== YOUR TASK ==
Every record, from first to last, should be written out again exactly.

Stored entries:
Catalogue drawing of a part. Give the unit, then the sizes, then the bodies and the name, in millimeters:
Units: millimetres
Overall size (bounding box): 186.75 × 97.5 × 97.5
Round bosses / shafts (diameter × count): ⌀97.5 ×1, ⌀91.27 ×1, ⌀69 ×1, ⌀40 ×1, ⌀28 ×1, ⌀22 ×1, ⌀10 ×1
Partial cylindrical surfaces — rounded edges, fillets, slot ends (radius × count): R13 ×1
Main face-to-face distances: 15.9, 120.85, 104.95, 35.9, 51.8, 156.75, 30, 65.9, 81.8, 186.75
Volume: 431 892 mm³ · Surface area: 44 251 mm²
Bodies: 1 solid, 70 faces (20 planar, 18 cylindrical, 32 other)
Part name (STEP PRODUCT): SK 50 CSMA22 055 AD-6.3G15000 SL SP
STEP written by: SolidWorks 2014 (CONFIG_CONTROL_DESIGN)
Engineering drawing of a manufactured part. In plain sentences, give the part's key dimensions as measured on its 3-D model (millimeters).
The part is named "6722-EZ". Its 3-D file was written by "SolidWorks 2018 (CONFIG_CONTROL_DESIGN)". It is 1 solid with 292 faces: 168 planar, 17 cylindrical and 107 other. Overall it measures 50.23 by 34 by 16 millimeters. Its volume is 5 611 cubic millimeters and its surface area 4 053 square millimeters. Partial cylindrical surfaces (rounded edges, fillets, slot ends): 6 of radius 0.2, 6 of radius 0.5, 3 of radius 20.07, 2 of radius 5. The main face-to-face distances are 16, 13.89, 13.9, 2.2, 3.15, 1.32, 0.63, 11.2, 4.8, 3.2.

== SOLUTION TO THIS PROBLEM ==
Catalogue drawing of a part. Give the unit, then the sizes, then the bodies and the name, in millimeters:
Units: millimetres
Overall size (bounding box): 186.75 × 97.5 × 97.5
Round bosses / shafts (diameter × count): ⌀97.5 ×1, ⌀91.27 ×1, ⌀69 ×1, ⌀40 ×1, ⌀28 ×1, ⌀22 ×1, ⌀10 ×1
Partial cylindrical surfaces — rounded edges, fillets, slot ends (radius × count): R13 ×1
Main face-to-face distances: 15.9, 120.85, 104.95, 35.9, 51.8, 156.75, 30, 65.9, 81.8, 186.75
Volume: 431 892 mm³ · Surface area: 44 251 mm²
Bodies: 1 solid, 70 faces (20 planar, 18 cylindrical, 32 other)
Part name (STEP PRODUCT): SK 50 CSMA22 055 AD-6.3G15000 SL SP
STEP written by: SolidWorks 2014 (CONFIG_CONTROL_DESIGN)
Engineering drawing of a manufactured part. In plain sentences, give the part's key dimensions as measured on its 3-D model (millimeters).
The part is named "6722-EZ". Its 3-D file was written by "SolidWorks 2018 (CONFIG_CONTROL_DESIGN)". It is 1 solid with 292 faces: 168 planar, 17 cylindrical and 107 other. Overall it measures 50.23 by 34 by 16 millimeters. Its volume is 5 611 cubic millimeters and its surface area 4 053 square millimeters. Partial cylindrical surfaces (rounded edges, fillets, slot ends): 6 of radius 0.2, 6 of radius 0.5, 3 of radius 20.07, 2 of radius 5. The main face-to-face distances are 16, 13.89, 13.9, 2.2, 3.15, 1.32, 0.63, 11.2, 4.8, 3.2.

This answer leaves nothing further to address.